The East End, beyond the City of London and the Tower, has long been the home of London’s docks and immigrants. It has frequently been characterized by slums, poverty, and crime. This is the area where the notorious criminal Jack the Ripper prowled. Some portions, such as Bethnal Green, were slums during the Victorian period. Many poorer immigrants and working-class Londoners still reside in the East End, but its weekend street markets are very popular, especially Petticoat Lane, which runs along the length of Middlesex Street. Although Middlesex Street is no longer the center of the clothing trade, its merchandise is still geared toward apparel. Much of the old dockyard area has been abandoned and redeveloped as the Docklands, an ambitious project designed to lure London’s financial activities away from the congested City. The heart of the Docklands is the Isle of Dogs, a peninsula where the Royal Kennels were once situated. More from Encarta
North London was made up of satellite villages until the 19th century when the underground railroad (known locally as the Tube) opened this area up to development. Camden Town, on Regent’s Canal, has a popular weekend market that sells inexpensive clothing and jewelry. Farther north are elegant 18th-century villages, such as Hampstead, a center for writers; and Highgate, renowned for London’s best-known cemetery, which includes the grave and a large bust of Karl Marx. A central fixture of north London is the 324-hectare (800-acre) Hampstead Heath, a large public park.

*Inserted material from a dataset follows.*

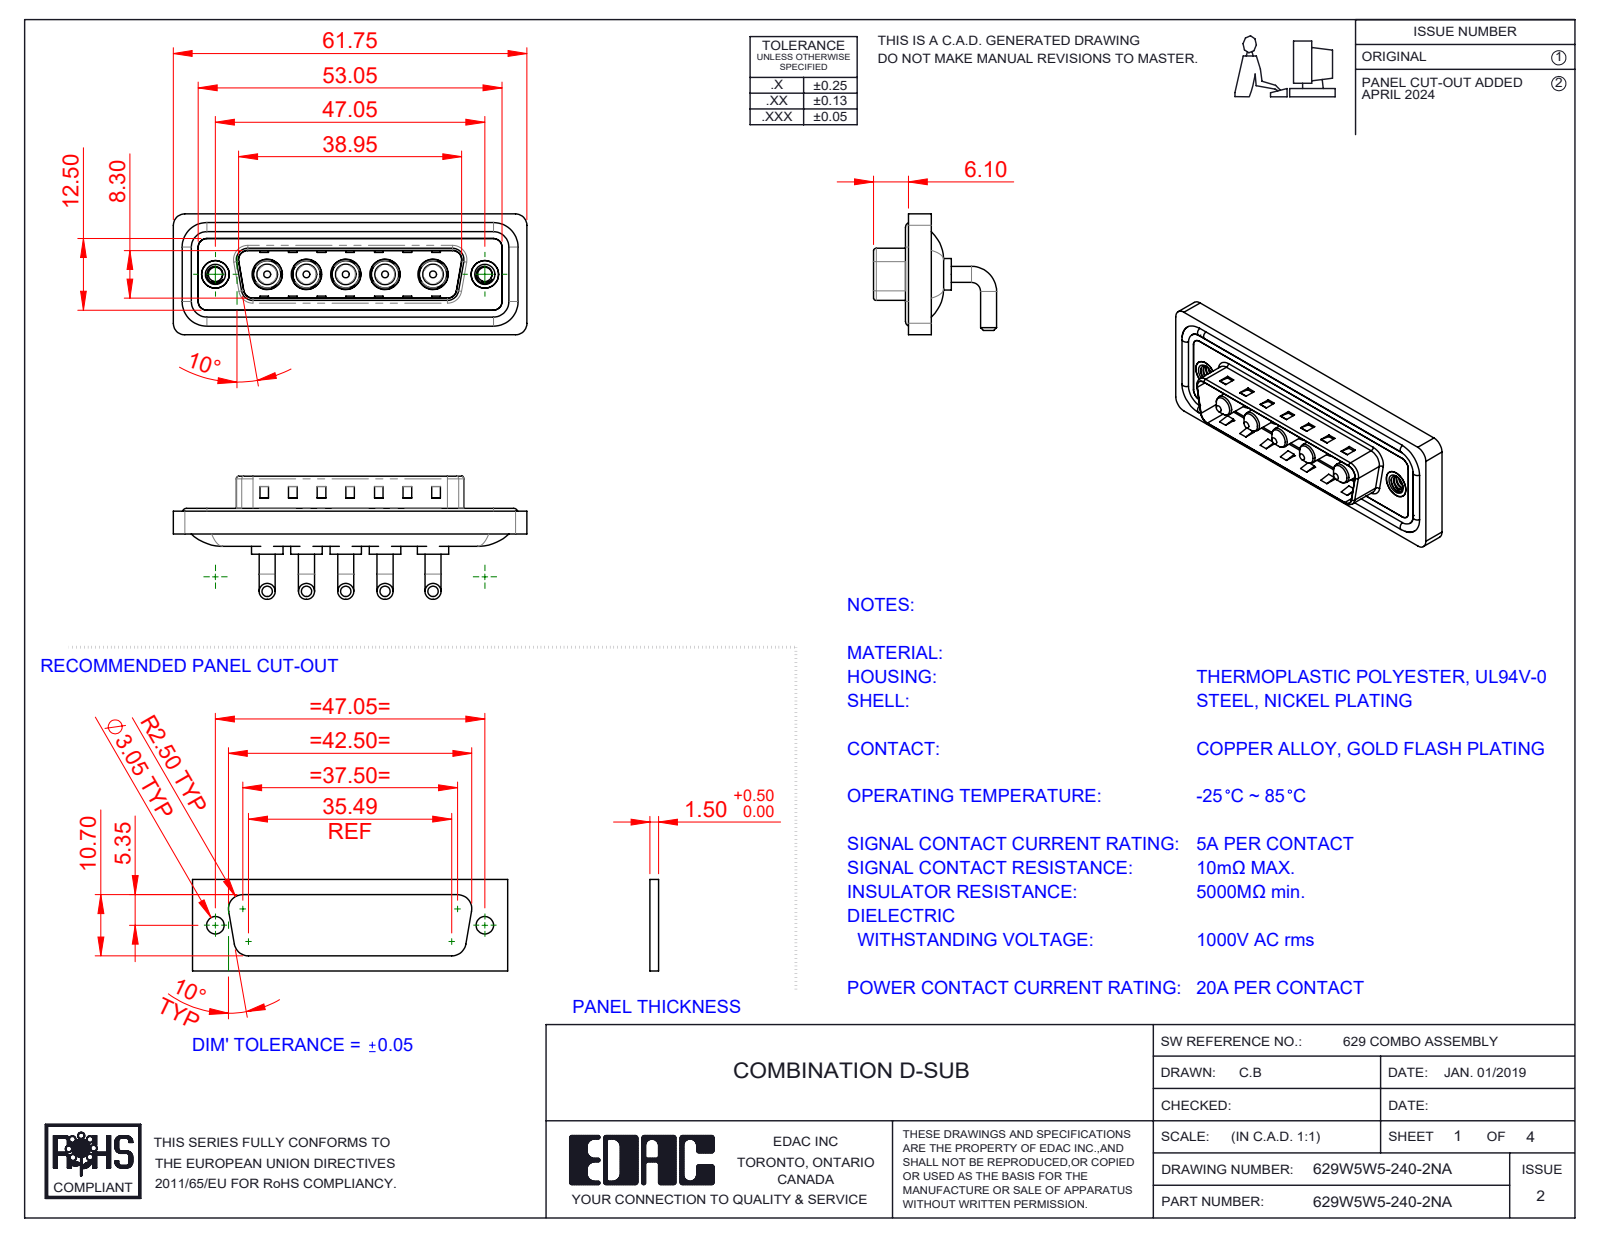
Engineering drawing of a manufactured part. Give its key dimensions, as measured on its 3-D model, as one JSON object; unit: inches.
{"part_name": "629Combo Housing_5W5; Power Pin_20A RA; 629Combo Shell Rear_25 Contacts; 629Combo Waterproof Housing_25 Contacts (+3 more)", "step_written_by": "SolidWorks 2023 (CONFIG_CONTROL_DESIGN)", "units": "inches", "bodies": {"solids": 17, "faces": 692, "planar": 259, "cylindrical": 291, "other": 142}, "overall_size": [2.431, 0.846, 0.831], "volume_in3": 0.476, "surface_area_in2": 19.03, "round_holes": [[0.191, 5], [0.209, 5], [0.098, 2], [0.157, 2], [0.189, 2], [0.197, 2]], "round_bosses_or_shafts": [[0.11, 10], [0.217, 5], [0.205, 5], [0.187, 5], [0.148, 5], [0.142, 5], [0.063, 4], [0.193, 2]], "partial_cylinders_radius": [[0.059, 18], [0.079, 18], [0.02, 8], [0.063, 8], [0.083, 5], [0.01, 4], [0.024, 4], [0.026, 4]], "face_to_face_distances": [0.016, 0.114, 0.031, 0.177, 0.161, 0.043, 0.083, 0.122, 0.059, 0.236], "hole_center_spacings": [0.27, 0.541, 0.27, 0.27, 0.33, 0.33, 0.356, 0.356]}

The area south of the Thames has long been regarded with disdain by the rest of the city. For centuries Southwark, originally the area around the southern end of London Bridge, was the disreputable entertainment center of London, with brothels, bars, and theaters outside of the City’s jurisdiction. The sacred and the profane lived in close proximity here. Not far from the infamous Bankside, where brutal sports like cockfighting and bearbaiting took place, was the beautiful Southwark Cathedral, which dates from the 13th century. Bankside was also the location of Elizabethan theaters, which were restricted in the City because they were considered places of vice. One of these, the Globe Theatre, where William Shakespeare put on his greatest plays, was reconstructed in the late 20th century. Farther along the river to the west is the South Bank Centre cultural complex, begun as part of the Festival of Britain in 1951. The Festival of Britain was a vehicle for lifting the spirits of Londoners after the trials of World War II. The most important building in the center is the Royal Festival Hall, a concert hall that was built for the festival. The Royal National Theatre and the National Film Theatre are also part of the South Bank Centre.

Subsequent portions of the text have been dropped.